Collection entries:
········

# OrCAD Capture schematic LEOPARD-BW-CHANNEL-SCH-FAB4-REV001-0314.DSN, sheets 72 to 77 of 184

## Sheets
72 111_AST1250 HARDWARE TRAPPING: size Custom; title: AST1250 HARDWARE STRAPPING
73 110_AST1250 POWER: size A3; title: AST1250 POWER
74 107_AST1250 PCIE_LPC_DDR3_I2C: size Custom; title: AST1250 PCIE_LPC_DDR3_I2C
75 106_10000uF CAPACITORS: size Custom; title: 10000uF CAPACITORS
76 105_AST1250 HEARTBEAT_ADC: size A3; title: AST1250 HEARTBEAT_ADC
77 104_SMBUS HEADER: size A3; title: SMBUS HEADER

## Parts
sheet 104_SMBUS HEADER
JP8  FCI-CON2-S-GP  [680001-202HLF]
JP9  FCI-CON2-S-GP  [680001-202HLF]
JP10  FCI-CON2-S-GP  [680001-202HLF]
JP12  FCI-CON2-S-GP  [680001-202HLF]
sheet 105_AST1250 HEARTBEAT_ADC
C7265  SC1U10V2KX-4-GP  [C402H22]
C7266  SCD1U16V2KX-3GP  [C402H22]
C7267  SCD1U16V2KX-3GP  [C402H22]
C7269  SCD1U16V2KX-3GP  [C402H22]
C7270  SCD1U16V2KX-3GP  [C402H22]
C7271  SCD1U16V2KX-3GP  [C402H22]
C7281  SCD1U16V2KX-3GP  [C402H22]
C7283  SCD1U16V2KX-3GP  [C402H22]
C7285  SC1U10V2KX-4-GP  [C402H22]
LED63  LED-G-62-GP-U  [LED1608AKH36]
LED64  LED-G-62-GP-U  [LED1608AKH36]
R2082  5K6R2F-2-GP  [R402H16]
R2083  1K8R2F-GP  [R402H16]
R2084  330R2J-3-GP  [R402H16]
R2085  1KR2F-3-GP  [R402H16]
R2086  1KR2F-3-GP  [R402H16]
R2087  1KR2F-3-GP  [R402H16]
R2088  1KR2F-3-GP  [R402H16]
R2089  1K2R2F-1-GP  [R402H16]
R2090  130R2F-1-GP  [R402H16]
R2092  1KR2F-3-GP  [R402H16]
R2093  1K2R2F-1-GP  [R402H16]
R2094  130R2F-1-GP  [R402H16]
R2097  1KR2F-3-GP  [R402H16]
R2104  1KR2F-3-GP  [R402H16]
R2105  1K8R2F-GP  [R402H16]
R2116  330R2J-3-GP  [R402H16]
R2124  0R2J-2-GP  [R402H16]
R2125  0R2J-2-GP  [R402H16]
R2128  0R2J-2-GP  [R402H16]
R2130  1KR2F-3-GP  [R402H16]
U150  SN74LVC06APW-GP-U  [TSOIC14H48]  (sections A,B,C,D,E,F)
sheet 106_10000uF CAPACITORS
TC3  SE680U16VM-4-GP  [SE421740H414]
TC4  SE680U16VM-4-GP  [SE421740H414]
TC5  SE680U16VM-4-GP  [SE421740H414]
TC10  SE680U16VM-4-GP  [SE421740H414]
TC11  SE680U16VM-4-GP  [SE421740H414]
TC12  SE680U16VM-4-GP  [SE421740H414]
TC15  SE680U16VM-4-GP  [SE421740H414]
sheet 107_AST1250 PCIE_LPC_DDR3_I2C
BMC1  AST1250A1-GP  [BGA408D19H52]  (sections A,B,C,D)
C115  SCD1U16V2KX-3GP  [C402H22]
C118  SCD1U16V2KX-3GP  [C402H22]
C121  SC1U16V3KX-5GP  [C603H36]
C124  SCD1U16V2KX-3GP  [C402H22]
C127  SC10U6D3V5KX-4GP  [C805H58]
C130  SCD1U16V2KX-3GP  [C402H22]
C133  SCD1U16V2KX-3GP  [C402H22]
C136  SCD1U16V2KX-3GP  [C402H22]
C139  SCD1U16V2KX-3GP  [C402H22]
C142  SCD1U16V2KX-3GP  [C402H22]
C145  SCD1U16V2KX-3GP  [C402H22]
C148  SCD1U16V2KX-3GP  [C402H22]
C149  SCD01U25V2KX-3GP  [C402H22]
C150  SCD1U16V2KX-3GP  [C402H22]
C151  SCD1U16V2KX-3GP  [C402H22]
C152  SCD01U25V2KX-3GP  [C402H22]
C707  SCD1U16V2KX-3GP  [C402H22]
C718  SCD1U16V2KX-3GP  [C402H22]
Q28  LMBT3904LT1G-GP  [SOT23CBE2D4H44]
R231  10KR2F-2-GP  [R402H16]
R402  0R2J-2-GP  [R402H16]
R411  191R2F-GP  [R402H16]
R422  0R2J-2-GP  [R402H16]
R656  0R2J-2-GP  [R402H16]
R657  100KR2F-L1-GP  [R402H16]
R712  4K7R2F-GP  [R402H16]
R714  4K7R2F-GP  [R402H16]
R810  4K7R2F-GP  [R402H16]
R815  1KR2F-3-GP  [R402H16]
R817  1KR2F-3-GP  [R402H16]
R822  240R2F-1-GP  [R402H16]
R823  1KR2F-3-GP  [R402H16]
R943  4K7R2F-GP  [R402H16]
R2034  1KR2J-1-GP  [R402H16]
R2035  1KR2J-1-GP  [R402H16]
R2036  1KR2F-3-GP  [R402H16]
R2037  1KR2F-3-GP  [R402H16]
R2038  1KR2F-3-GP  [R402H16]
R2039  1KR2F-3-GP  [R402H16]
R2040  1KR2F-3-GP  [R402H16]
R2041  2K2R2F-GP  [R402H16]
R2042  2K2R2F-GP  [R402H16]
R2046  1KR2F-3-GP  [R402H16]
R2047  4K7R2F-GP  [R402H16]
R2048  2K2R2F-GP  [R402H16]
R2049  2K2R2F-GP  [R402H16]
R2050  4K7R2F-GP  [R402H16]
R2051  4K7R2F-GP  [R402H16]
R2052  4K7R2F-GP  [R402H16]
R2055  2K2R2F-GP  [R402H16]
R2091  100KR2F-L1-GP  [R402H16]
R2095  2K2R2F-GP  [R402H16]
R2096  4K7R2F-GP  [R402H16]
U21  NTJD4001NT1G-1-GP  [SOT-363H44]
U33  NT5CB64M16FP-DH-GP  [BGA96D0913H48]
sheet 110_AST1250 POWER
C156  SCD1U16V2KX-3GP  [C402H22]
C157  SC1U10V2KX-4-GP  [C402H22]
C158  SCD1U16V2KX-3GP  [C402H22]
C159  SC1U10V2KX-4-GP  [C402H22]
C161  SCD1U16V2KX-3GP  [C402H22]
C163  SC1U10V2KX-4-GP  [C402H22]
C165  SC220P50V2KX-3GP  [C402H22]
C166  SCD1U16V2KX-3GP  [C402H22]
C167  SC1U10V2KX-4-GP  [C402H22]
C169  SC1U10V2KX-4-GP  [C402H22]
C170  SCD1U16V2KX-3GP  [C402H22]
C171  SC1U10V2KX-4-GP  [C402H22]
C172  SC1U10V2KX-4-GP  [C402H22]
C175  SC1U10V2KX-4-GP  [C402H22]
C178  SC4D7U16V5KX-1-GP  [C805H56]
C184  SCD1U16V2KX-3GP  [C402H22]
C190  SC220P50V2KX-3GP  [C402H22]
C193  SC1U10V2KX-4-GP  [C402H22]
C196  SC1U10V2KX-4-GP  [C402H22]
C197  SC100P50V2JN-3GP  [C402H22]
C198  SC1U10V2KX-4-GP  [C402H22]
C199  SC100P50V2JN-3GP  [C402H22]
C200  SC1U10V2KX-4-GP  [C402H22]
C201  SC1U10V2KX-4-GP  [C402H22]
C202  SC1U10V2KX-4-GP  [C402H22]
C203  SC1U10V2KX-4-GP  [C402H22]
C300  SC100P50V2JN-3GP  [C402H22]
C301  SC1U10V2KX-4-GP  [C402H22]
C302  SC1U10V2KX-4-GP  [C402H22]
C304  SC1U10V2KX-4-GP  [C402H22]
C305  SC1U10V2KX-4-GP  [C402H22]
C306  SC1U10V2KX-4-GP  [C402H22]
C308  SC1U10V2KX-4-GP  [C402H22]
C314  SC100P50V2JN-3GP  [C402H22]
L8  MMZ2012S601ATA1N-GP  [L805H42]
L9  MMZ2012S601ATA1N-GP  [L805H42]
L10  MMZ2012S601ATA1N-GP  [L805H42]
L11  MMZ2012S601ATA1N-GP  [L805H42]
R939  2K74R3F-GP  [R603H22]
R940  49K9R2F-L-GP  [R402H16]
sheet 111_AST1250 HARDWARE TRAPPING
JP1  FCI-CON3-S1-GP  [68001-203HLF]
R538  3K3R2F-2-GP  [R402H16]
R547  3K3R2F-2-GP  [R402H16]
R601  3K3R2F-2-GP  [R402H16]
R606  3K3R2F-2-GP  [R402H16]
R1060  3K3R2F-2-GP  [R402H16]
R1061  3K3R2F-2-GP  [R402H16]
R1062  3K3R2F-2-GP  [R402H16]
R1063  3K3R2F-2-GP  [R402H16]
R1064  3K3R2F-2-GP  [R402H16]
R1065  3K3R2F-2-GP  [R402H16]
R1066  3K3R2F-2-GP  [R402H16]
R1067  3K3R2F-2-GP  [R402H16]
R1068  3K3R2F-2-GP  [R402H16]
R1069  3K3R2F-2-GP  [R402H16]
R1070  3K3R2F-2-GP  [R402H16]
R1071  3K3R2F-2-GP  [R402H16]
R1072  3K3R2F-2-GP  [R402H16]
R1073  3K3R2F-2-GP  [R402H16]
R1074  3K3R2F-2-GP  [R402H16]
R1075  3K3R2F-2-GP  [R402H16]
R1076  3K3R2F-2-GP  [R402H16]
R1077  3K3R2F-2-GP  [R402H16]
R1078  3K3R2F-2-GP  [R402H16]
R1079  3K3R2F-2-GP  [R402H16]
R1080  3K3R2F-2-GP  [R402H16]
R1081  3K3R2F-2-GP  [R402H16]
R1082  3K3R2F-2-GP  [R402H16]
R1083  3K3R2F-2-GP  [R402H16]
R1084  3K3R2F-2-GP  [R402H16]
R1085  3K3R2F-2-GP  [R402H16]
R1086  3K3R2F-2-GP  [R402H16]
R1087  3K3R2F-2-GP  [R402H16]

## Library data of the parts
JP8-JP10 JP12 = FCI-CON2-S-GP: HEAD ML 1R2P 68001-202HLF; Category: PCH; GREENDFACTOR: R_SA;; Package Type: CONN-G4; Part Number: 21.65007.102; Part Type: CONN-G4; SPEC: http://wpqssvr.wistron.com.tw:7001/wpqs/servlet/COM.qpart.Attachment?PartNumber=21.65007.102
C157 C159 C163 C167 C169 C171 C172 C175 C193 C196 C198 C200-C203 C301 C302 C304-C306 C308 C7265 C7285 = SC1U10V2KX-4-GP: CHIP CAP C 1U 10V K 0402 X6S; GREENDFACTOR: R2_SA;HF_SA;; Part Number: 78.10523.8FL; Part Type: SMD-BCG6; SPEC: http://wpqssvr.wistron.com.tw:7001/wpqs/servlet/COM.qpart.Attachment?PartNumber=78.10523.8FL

········

TASK: Copy only the entries from the first line to the line with "75 106_10000uF CAPACITORS: size", each exactly as it appears.

THE COMPLETED TASK:
# OrCAD Capture schematic LEOPARD-BW-CHANNEL-SCH-FAB4-REV001-0314.DSN, sheets 72 to 77 of 184

## Sheets
72 111_AST1250 HARDWARE TRAPPING: size Custom; title: AST1250 HARDWARE STRAPPING
73 110_AST1250 POWER: size A3; title: AST1250 POWER
74 107_AST1250 PCIE_LPC_DDR3_I2C: size Custom; title: AST1250 PCIE_LPC_DDR3_I2C
75 106_10000uF CAPACITORS: size Custom; title: 10000uF CAPACITORS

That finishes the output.